Taylor Woodrow also has the advantage of a substantial US house-building business, which is growing towards 30 per cent of group operating profit. It has operations in five states including Texas, Florida and California, where the market is still strong. This offers some protection if, as is likely, profit margins fall sharply this year in the UK because of high wage and raw materials costs and stagnant selling prices.

Westbury does not have this protection, but its shares, down 7p to 420p yesterday, are among the cheapest in a dirt-cheap sector. Westbury has been punished for its performance over the past year, where it has grown earnings by substantially less than its peers.

Both builders are urging investors to look through the short term uncertainty and focus on the UK's chronic shortage of housing, and shareholders absolutely shouldn't sell out. Hold on for the long term, or for a takeover bid.

It's the wrong time to buy Carpetright

Carpetright controls about a quarter of the UK's £1.8bn-a-year floor coverings market, but this is a market that has taken a sharp turn for the worse.

In the past three months, the company's sales have fallen by about 8 per cent on the same period last year, as fewer people move house and others hold off on giving their home an expensive makeover.

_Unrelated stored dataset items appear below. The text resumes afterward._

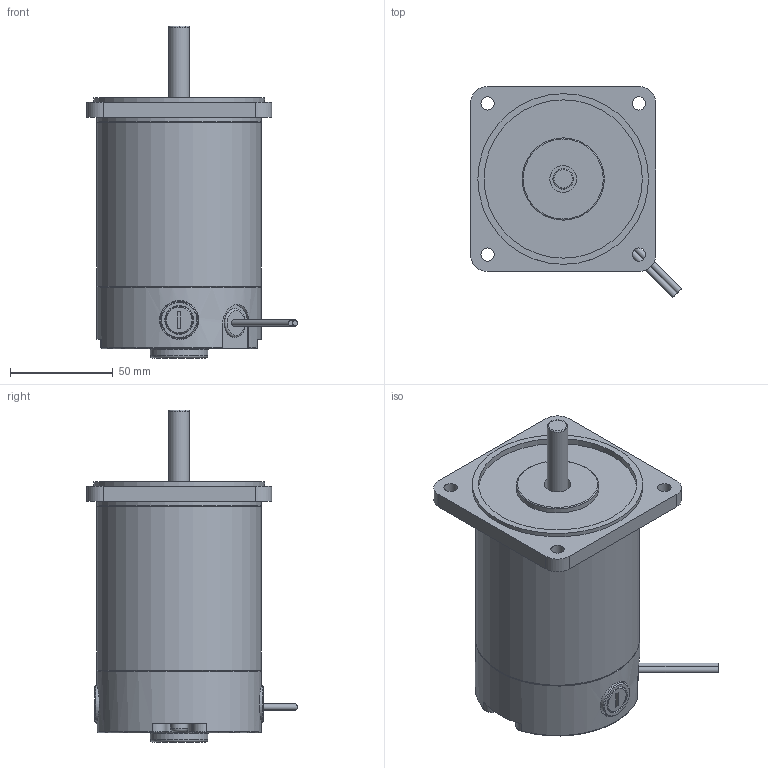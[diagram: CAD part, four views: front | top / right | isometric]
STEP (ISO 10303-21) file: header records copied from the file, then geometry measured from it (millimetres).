
FILE_DESCRIPTION((''),'2;1');
FILE_NAME('C:\Documents and Settings\ycw1227\바탕 화면\S9D40-ㅁS.stp','2013-06-05T11:09:40',('ycw1227'),(''),'Autodesk Inventor 2011','Autodesk Inventor 2011','');
FILE_SCHEMA(('AUTOMOTIVE_DESIGN { 1 0 10303 214 1 1 1 1 }'));
Length unit declared in the file: millimetre
Products named in the file (1): 부품8
Bounding box: 102.45 x 102.45 x 161.5 mm (x, y, z)
Volume: 628019.1 mm3; surface area: 57068.1 mm2
Topology: 1 solids, 3 shells, 163 faces, 378 edges, 245 vertices
Faces by surface type: plane 87, cylinder 46, torus 16, cone 14
Full cylindrical faces by diameter (mm): 3 x2, 5 x2, 6.5 x4, 8.5 x2, 9 x1, 10 x1, 13 x1, 13.5 x2, 14 x3, 18 x2, 19 x2, 28 x1, 40 x1, 77 x1, 80 x3, 83 x1
Entity records: 4700 total; most frequent: CARTESIAN_POINT 942, DIRECTION 765, ORIENTED_EDGE 670, EDGE_CURVE 335, AXIS2_PLACEMENT_3D 305, VERTEX_POINT 242, EDGE_LOOP 236, FACE_OUTER_BOUND 163

Carpetright has also suffered from the collapse of Allders, where it had in-store concessions, although a trading update yesterday revealed that the disruption was minimal.

Also yesterday, Lord Harris of Peckham, the chairman, was talking up the prospect of property disposals, which should underpin a dividend yielding more than 5 per cent at the current share price. The company is moving out of prime retail sites and into trading parks.

In December we warned it was too late for new investors to get involved, but we should have been firmer in advising existing shareholders to lock in their profits. The cooling of the housing market and of consumer spending has pulled a rug from under the stock, and it is difficult to see them making much progress for a while. Avoid.

No need to go phishing for SurfControl shares

Sophisticated fraudsters are going "phishing" for your online banking details and other secret internet passwords. It is the latest hi-tech threat to be added to a list of nasties that already includes viruses and spam. SurfControl, the computer software company which started life with a product to filter out porn, has been expanding its suite of filters to satisfy the demands of corporate customers for a one-stop shop.

The old market for e-mail and web filters is looking well developed now, and SurfControl's sales growth has slowed. The question for investors is what the outlook for revenue growth is with the new, broader products. It is a hard call, and caution should prevail.

What is for certain is that SurfControl has had to spend more than it intended on product development and marketing. Earnings figures for the third quarter of the company's financial year, released yesterday, were disappointing and were accompanied by a warning that the full-year figure will turn out at the bottom of the range of City forecasts. SurfControl shares - which we have been advising readers to sell since they were 770p in November 2003 - fell 37p to 515p on yesterday's news.

Steve Purdham, the chief executive, insists the investment will pay off. There were some good numbers within the results, including high levels of software licence renewals and good sales in Asia, but investors were focused instead on the poor performance of SurfControl's US distributors .

Having fallen 12 per cent since we last wrote about them, the shares are now valued in line with the software sector, but the risks remain high. Avoid.